Cultura

El elogio de los guisos / El Condimentario

El elogio de los guisos / El Condimentario

Amo los guisos. Qué equivocados hemos estado cuando con desprecio clasista ofendemos a alguien calificándolo de guiso. Por el contrario, debería ser un bello elogio, el mejor piropo para exaltar a esas personas que les ponen condimento y alegría a nuestras vidas. Crecimos saboreando esas exquisitas recetas caseras que caracterizan la sazón de nuestra cocina criolla, para que ahora nos las tiremos de mejor familia, utilizando tan deliciosa técnica culinaria como un insulto.
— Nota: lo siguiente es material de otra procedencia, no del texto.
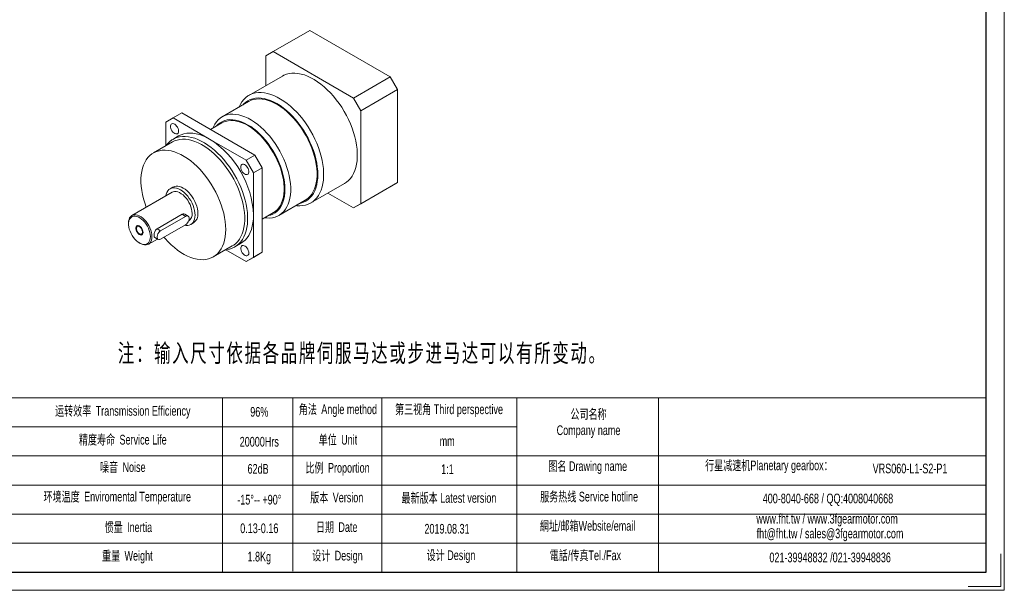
# Model space of a CAD drawing. Header units: millimetres. Extents: x 3840 to 4430, y -122 to 296.
# Tile 2 of 3: x 4049 to 4430, y -122 to 99. Entities that reach past the tile are written whole.
import ezdxf

# ---------------------------------------------------------------- set-up
doc = ezdxf.new("R2010")
doc.units = ezdxf.units.MM
doc.layers.get('0').update_dxf_attribs({"lineweight": 0})
doc.layers.add('SLD-0', color=7, linetype='Continuous', lineweight=18)
doc.layers.add('图框_外框线', color=7, linetype='Continuous', lineweight=18)
doc.styles.add('标准', font='arial.ttf', dxfattribs={"width": 0.667})

msp = doc.modelspace()

# ---------------------------------------------------------------- linework, layer by layer
at = {"color": 7, "linetype": 'Continuous', "lineweight": 15}
for p, q in [((4161.04, 94.8), (4146.9, 86.64)), ((4161.04, 94.8), (4192.15, 76.84)), ((4146.9, 86.64), (4144.07, 85)), ((4144.07, 73.52), (4144.07, 85)), ((4146.9, 86.64), (4178.01, 68.68)), ((4150.46, 77.21), (4137.45, 69.7)), ((4178.01, 68.68), (4192.15, 76.84)), ((4192.15, 76.84), (4194.98, 71.94)), ((4180.84, 63.78), (4178.01, 68.68)), ((4194.98, 71.94), (4180.84, 63.78)), ((4194.98, 71.94), (4194.98, 36.01)), ((4137.31, 67.31), (4127.13, 61.44)), ((4108.15, 61), (4105.32, 59.37)), ((4111.54, 62.96), (4108.15, 61)), ((4108.15, 61), (4122.29, 52.84)), ((4111.54, 62.96), (4139.83, 46.63)), ((4180.84, 63.78), (4180.84, 27.85)), ((4105.32, 50.23), (4105.32, 59.37)), ((4127, 59.05), (4122.66, 56.54)), ((4110.29, 54.03), (4108.03, 52.72)), ((4107.86, 51.7), (4100.51, 47.45)), ((4122.29, 52.84), (4136.43, 44.67)), ((4136.43, 44.67), (4139.83, 46.63)), ((4139.83, 46.63), (4142.66, 41.73)), ((4139.26, 39.77), (4136.43, 44.67)), ((4142.66, 41.73), (4139.26, 39.77)), ((4139.26, 39.77), (4139.26, 23.44)), ((4142.66, 41.73), (4142.66, 9.07)), ((4161.44, 28.13), (4174.45, 35.64)), ((4192.15, 34.38), (4178.01, 26.22)), ((4180.84, 27.85), (4194.98, 36.01)), ((4194.98, 36.01), (4192.15, 34.38)), ((4107.78, 32.25), (4092.22, 23.27)), ((4108.11, 34.29), (4106.98, 33.64)), ((4178.01, 26.22), (4168.07, 31.95)), ((4149.13, 23.33), (4159.31, 29.21)), ((4178.01, 26.22), (4180.84, 27.85)), ((4111.6, 23.74), (4101.98, 18.19)), ((4112.96, 22.95), (4103.34, 17.4)), ((4112.96, 22.95), (4111.6, 23.74)), ((4113.96, 23.05), (4112.72, 23.77)), ((4139.26, 23.44), (4139.26, 7.11)), ((4142.66, 21.9), (4147, 24.41)), ((4090.9, 20.34), (4090.9, 20.01)), ((4103.34, 14.14), (4112.96, 19.69)), ((4114.16, 21.16), (4114.18, 21.17)), ((4114.98, 19.78), (4116.11, 20.43)), ((4103.34, 17.4), (4101.98, 18.19)), ((4095.14, 12.67), (4095.42, 12.5)), ((4098.62, 12.19), (4102.09, 14.18)), ((4101.1, 14.75), (4102.34, 14.04)), ((4123.71, 7.27), (4131.06, 11.51)), ((4132.03, 11.15), (4134.29, 12.45)), ((4136.43, 5.48), (4128.52, 10.05)), ((4139.26, 7.11), (4142.66, 9.07)), ((4142.66, 9.07), (4139.83, 7.44)), ((4139.83, 7.44), (4136.43, 5.48)), ((4136.43, 5.48), (4139.26, 7.11))]:
    msp.add_line(p, q, dxfattribs=at)
for points in [[(4174.45, 35.64), (4175.22, 36.15), (4176.03, 36.83), (4176.76, 37.63), (4177.41, 38.53), (4177.98, 39.54), (4178.45, 40.64), (4178.83, 41.84), (4179.12, 43.12), (4179.32, 44.47), (4179.41, 45.89), (4179.41, 47.38), (4179.32, 48.91), (4179.12, 50.49), (4178.83, 52.1), (4178.45, 53.74), (4177.98, 55.39), (4177.41, 57.05), (4176.76, 58.7), (4176.03, 60.35), (4175.22, 61.96), (4174.34, 63.55), (4173.39, 65.1), (4172.38, 66.6), (4171.31, 68.03), (4170.19, 69.41), (4169.02, 70.7), (4167.82, 71.92), (4166.59, 73.05), (4165.33, 74.08), (4164.06, 75.01), (4162.78, 75.83), (4161.49, 76.55), (4160.21, 77.15), (4158.95, 77.62), (4157.7, 77.98), (4156.48, 78.22), (4155.3, 78.33), (4154.16, 78.31), (4153.06, 78.17), (4152.02, 77.9), (4151.04, 77.51), (4150.46, 77.21)], [(4133.65, 65.2), (4133.68, 65.26), (4134.19, 66.32), (4134.8, 67.27), (4135.49, 68.13), (4136.26, 68.87), (4137.11, 69.49), (4138.03, 70), (4139.01, 70.39), (4140.05, 70.66), (4141.15, 70.8), (4142.29, 70.82), (4143.47, 70.71), (4144.69, 70.47), (4145.94, 70.11), (4147.2, 69.63), (4148.48, 69.04), (4149.77, 68.32), (4151.05, 67.5), (4152.32, 66.57), (4153.58, 65.54), (4154.81, 64.41), (4156.01, 63.19), (4157.18, 61.89), (4158.3, 60.52), (4159.37, 59.08), (4160.38, 57.59), (4161.33, 56.04), (4162.21, 54.45), (4163.02, 52.83), (4163.75, 51.19), (4164.4, 49.54), (4164.97, 47.88), (4165.44, 46.23), (4165.82, 44.59), (4166.11, 42.98), (4166.31, 41.4), (4166.4, 39.87), (4166.4, 38.38), (4166.31, 36.96), (4166.11, 35.61), (4165.82, 34.33), (4165.44, 33.13), (4164.97, 32.03), (4164.4, 31.02), (4163.75, 30.12), (4163.02, 29.32), (4162.21, 28.63), (4161.33, 28.07), (4160.38, 27.62), (4159.37, 27.29), (4158.3, 27.09), (4157.18, 27.01), (4156.01, 27.05), (4155.65, 27.09)], [(4157.21, 27.99), (4157.62, 28.09), (4158.6, 28.42), (4159.51, 28.86), (4160.36, 29.43), (4161.13, 30.11), (4161.82, 30.91), (4162.43, 31.81), (4162.95, 32.81), (4163.38, 33.91), (4163.72, 35.1), (4163.96, 36.37), (4164.1, 37.71), (4164.15, 39.12), (4164.1, 40.58), (4163.96, 42.09), (4163.72, 43.64), (4163.38, 45.22), (4162.95, 46.81), (4162.43, 48.42), (4161.82, 50.02), (4161.13, 51.62), (4160.36, 53.19), (4159.51, 54.73), (4158.6, 56.23), (4157.62, 57.68), (4156.59, 59.08), (4155.5, 60.41), (4154.37, 61.66), (4153.21, 62.83), (4152.01, 63.91), (4150.79, 64.9), (4149.56, 65.78), (4148.31, 66.55), (4147.07, 67.21), (4145.84, 67.76), (4144.62, 68.18), (4143.42, 68.48), (4142.25, 68.66), (4141.12, 68.71), (4140.04, 68.63), (4139, 68.43), (4138.03, 68.11), (4137.11, 67.66), (4136.27, 67.09), (4135.5, 66.41), (4135.21, 66.1)], [(4137.31, 67.31), (4137.42, 67.38), (4138.34, 67.81), (4139.32, 68.11), (4140.36, 68.29), (4141.44, 68.35), (4142.58, 68.27), (4143.74, 68.07), (4144.94, 67.75), (4146.16, 67.3), (4147.39, 66.73), (4148.62, 66.04), (4149.86, 65.25), (4151.08, 64.34), (4152.29, 63.33), (4153.47, 62.23), (4154.62, 61.04), (4155.73, 59.77), (4156.79, 58.43), (4157.8, 57.02), (4158.75, 55.55), (4159.64, 54.04), (4160.45, 52.5), (4161.18, 50.92), (4161.84, 49.33), (4162.41, 47.74), (4162.88, 46.14), (4163.27, 44.56), (4163.56, 43.01), (4163.76, 41.48), (4163.86, 40), (4163.86, 38.57), (4163.76, 37.21), (4163.56, 35.91), (4163.27, 34.69), (4162.88, 33.56), (4162.41, 32.52), (4161.84, 31.58), (4161.18, 30.74), (4160.45, 30.02), (4159.64, 29.41), (4159.31, 29.21)], [(4123.55, 57.06), (4123.79, 57.62), (4124.31, 58.61), (4124.92, 59.5), (4125.62, 60.28), (4126.39, 60.95), (4127.24, 61.5), (4128.16, 61.93), (4129.14, 62.23), (4130.18, 62.41), (4131.26, 62.47), (4132.39, 62.39), (4133.56, 62.19), (4134.76, 61.87), (4135.97, 61.42), (4137.2, 60.85), (4138.44, 60.17), (4139.68, 59.37), (4140.9, 58.46), (4142.11, 57.46), (4143.29, 56.35), (4144.44, 55.16), (4145.55, 53.89), (4146.61, 52.55), (4147.62, 51.14), (4148.57, 49.67), (4149.45, 48.16), (4150.27, 46.62), (4151, 45.05), (4151.65, 43.46), (4152.22, 41.86), (4152.7, 40.27), (4153.09, 38.69), (4153.38, 37.13), (4153.58, 35.61), (4153.68, 34.12), (4153.68, 32.7), (4153.58, 31.33), (4153.38, 30.03), (4153.09, 28.81), (4152.7, 27.68), (4152.22, 26.64), (4151.65, 25.7), (4151, 24.86), (4150.27, 24.14), (4149.45, 23.53), (4148.57, 23.04), (4147.62, 22.67), (4146.61, 22.43), (4145.55, 22.31), (4144.44, 22.32), (4143.55, 22.42)], [(4110.25, 55.9), (4110.2, 56.37), (4110.06, 56.87), (4109.83, 57.37), (4109.53, 57.83), (4109.17, 58.23), (4108.79, 58.53), (4108.4, 58.73), (4108.03, 58.8), (4107.7, 58.75), (4107.43, 58.58), (4107.25, 58.29), (4107.15, 57.91), (4107.15, 57.46), (4107.25, 56.97), (4107.43, 56.47), (4107.7, 55.98), (4108.03, 55.55), (4108.4, 55.2), (4108.79, 54.95), (4109.17, 54.81), (4109.53, 54.8), (4109.83, 54.91), (4110.06, 55.14), (4110.2, 55.48), (4110.25, 55.9)], [(4144.99, 23.25), (4145.86, 23.47), (4146.77, 23.84), (4147.61, 24.32), (4148.38, 24.93), (4149.08, 25.65), (4149.69, 26.48), (4150.21, 27.41), (4150.64, 28.45), (4150.98, 29.57), (4151.23, 30.78), (4151.38, 32.06), (4151.42, 33.4), (4151.38, 34.81), (4151.23, 36.26), (4150.98, 37.75), (4150.64, 39.26), (4150.21, 40.8), (4149.69, 42.33), (4149.08, 43.87), (4148.38, 45.39), (4147.61, 46.89), (4146.77, 48.35), (4145.86, 49.76), (4144.89, 51.12), (4143.87, 52.42), (4142.79, 53.64), (4141.68, 54.78), (4140.54, 55.83), (4139.37, 56.79), (4138.19, 57.64), (4137, 58.39), (4135.81, 59.02), (4134.63, 59.53), (4133.46, 59.92), (4132.32, 60.19), (4131.21, 60.33), (4130.13, 60.34), (4129.11, 60.23), (4128.14, 59.99), (4127.23, 59.63), (4126.39, 59.14), (4125.62, 58.53), (4124.99, 57.89)], [(4127, 59.05), (4127.54, 59.33), (4128.45, 59.67), (4129.42, 59.89), (4130.45, 59.99), (4131.52, 59.95), (4132.63, 59.78), (4133.77, 59.49), (4134.93, 59.08), (4136.11, 58.54), (4137.3, 57.89), (4138.48, 57.12), (4139.65, 56.24), (4140.8, 55.26), (4141.93, 54.19), (4143.02, 53.03), (4144.07, 51.79), (4145.07, 50.48), (4146.01, 49.11), (4146.89, 47.69), (4147.71, 46.22), (4148.44, 44.72), (4149.1, 43.21), (4149.67, 41.68), (4150.15, 40.15), (4150.54, 38.64), (4150.83, 37.14), (4151.03, 35.68), (4151.13, 34.26), (4151.13, 32.89), (4151.03, 31.58), (4150.83, 30.35), (4150.54, 29.19), (4150.15, 28.13), (4149.67, 27.16), (4149.1, 26.29), (4148.44, 25.53), (4147.71, 24.88), (4147, 24.41)], [(4105.36, 50.25), (4105.39, 50.29), (4106.08, 51.14), (4106.85, 51.89), (4107.69, 52.51), (4108.61, 53.02), (4109.59, 53.41), (4110.63, 53.68), (4111.73, 53.82), (4112.87, 53.83), (4114.06, 53.72), (4115.28, 53.49), (4116.52, 53.13), (4117.79, 52.65), (4119.07, 52.05), (4120.35, 51.34), (4121.63, 50.52), (4122.91, 49.59), (4124.16, 48.55), (4125.4, 47.43), (4126.6, 46.21), (4127.76, 44.91), (4128.88, 43.54), (4129.95, 42.1), (4130.97, 40.61), (4131.92, 39.06), (4132.8, 37.47), (4133.61, 35.85), (4134.34, 34.21), (4134.99, 32.56), (4135.55, 30.9), (4136.02, 29.25), (4136.41, 27.61), (4136.7, 26), (4136.89, 24.42), (4136.99, 22.89), (4136.99, 21.4), (4136.89, 19.98), (4136.7, 18.63), (4136.41, 17.35), (4136.02, 16.15), (4135.55, 15.05), (4134.99, 14.04), (4134.34, 13.14), (4133.61, 12.34), (4132.8, 11.65), (4131.92, 11.08), (4130.97, 10.63), (4129.95, 10.31), (4128.88, 10.1), (4128.56, 10.07)], [(4110.29, 54.03), (4111.27, 54.5), (4112.32, 54.85), (4113.42, 55.07), (4114.59, 55.15), (4115.8, 55.09), (4117.05, 54.91), (4118.33, 54.58), (4119.64, 54.13), (4120.96, 53.55), (4122.29, 52.84)], [(4131.06, 11.51), (4131.61, 11.86), (4132.43, 12.52), (4133.17, 13.28), (4133.83, 14.16), (4134.4, 15.15), (4134.88, 16.23), (4135.27, 17.4), (4135.56, 18.66), (4135.76, 20), (4135.86, 21.41), (4135.86, 22.88), (4135.76, 24.4), (4135.56, 25.96), (4135.27, 27.56), (4134.88, 29.19), (4134.4, 30.82), (4133.83, 32.47), (4133.17, 34.1), (4132.43, 35.73), (4131.61, 37.32), (4130.72, 38.89), (4129.76, 40.41), (4128.74, 41.87), (4127.67, 43.28), (4126.54, 44.61), (4125.37, 45.87), (4124.17, 47.04), (4122.94, 48.12), (4121.68, 49.09), (4120.42, 49.97), (4119.15, 50.73), (4117.88, 51.38), (4116.61, 51.91), (4115.37, 52.31), (4114.15, 52.6), (4112.97, 52.75), (4111.82, 52.78), (4110.72, 52.68), (4109.67, 52.46), (4108.68, 52.11), (4107.86, 51.7)], [(4128.51, 17.89), (4128.47, 19.39), (4128.32, 20.93), (4128.07, 22.52), (4127.73, 24.13), (4127.3, 25.76), (4126.77, 27.4), (4126.15, 29.04), (4125.46, 30.67), (4124.68, 32.28), (4123.82, 33.87), (4122.9, 35.41), (4121.91, 36.9), (4120.86, 38.34), (4119.76, 39.71), (4118.61, 41.01), (4117.42, 42.22), (4116.2, 43.34), (4114.96, 44.37), (4113.7, 45.3), (4112.43, 46.12), (4111.16, 46.82), (4109.89, 47.41), (4108.64, 47.88), (4107.4, 48.23), (4106.2, 48.45), (4105.03, 48.54), (4103.91, 48.5), (4102.83, 48.34), (4101.81, 48.05), (4100.85, 47.64), (4099.96, 47.11), (4099.14, 46.45), (4098.4, 45.68), (4097.75, 44.81), (4097.18, 43.82), (4096.69, 42.74), (4096.31, 41.57), (4096.01, 40.31), (4095.82, 38.97), (4095.72, 37.56), (4095.72, 36.09), (4095.82, 34.57), (4096.01, 33), (4096.31, 31.41), (4096.69, 29.78), (4097.18, 28.14), (4097.75, 26.5), (4097.76, 26.47)], [(4134.34, 41.99), (4134.39, 41.52), (4134.53, 41.02), (4134.76, 40.52), (4135.06, 40.06), (4135.41, 39.66), (4135.79, 39.36), (4136.18, 39.16), (4136.55, 39.09), (4136.88, 39.14), (4137.15, 39.31), (4137.34, 39.6), (4137.44, 39.98), (4137.44, 40.43), (4137.34, 40.92), (4137.15, 41.42), (4136.88, 41.91), (4136.55, 42.34), (4136.18, 42.69), (4135.79, 42.94), (4135.41, 43.08), (4135.06, 43.09), (4134.76, 42.98), (4134.53, 42.75), (4134.39, 42.41), (4134.34, 41.99)], [(4117.77, 24.1), (4117.72, 24.98), (4117.57, 25.9), (4117.34, 26.84), (4117.01, 27.8), (4116.6, 28.75), (4116.11, 29.67), (4115.55, 30.56), (4114.94, 31.39), (4114.27, 32.15), (4113.57, 32.83), (4112.85, 33.41), (4112.11, 33.89), (4111.37, 34.26), (4110.65, 34.52), (4109.94, 34.65), (4109.28, 34.65), (4108.67, 34.53), (4108.11, 34.29)], [(4116.64, 23.44), (4116.59, 24.32), (4116.44, 25.24), (4116.2, 26.19), (4115.88, 27.15), (4115.47, 28.09), (4114.98, 29.02), (4114.42, 29.9), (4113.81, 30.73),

Nada tan valorado por la gastronomía universal como el guiso.

Define Lácydes Moreno Blanco en su ‘Diccionario de vozes culinaria’ (sí, con z, a la usanza portuguesa): El guiso es un manjar cocido en la salsa formada por las verduras que lleva, junto con especias y el vino o pasta de tomate que se le pone (también con variedad de carnes). Y continúa: es una mezcla rehogada de varias hortalizas y condimentos que se emplean para aderezar diversos platos. Conócese también como hogao, hogado, hogo, sofrito. La salsa colombiana por excelencia. La que acompaña y hace el amor con el patacón, los tamales, la arepa con queso, los fríjoles, el mote, el sudado de pollo con papas y las lentejas. Amantes eternos.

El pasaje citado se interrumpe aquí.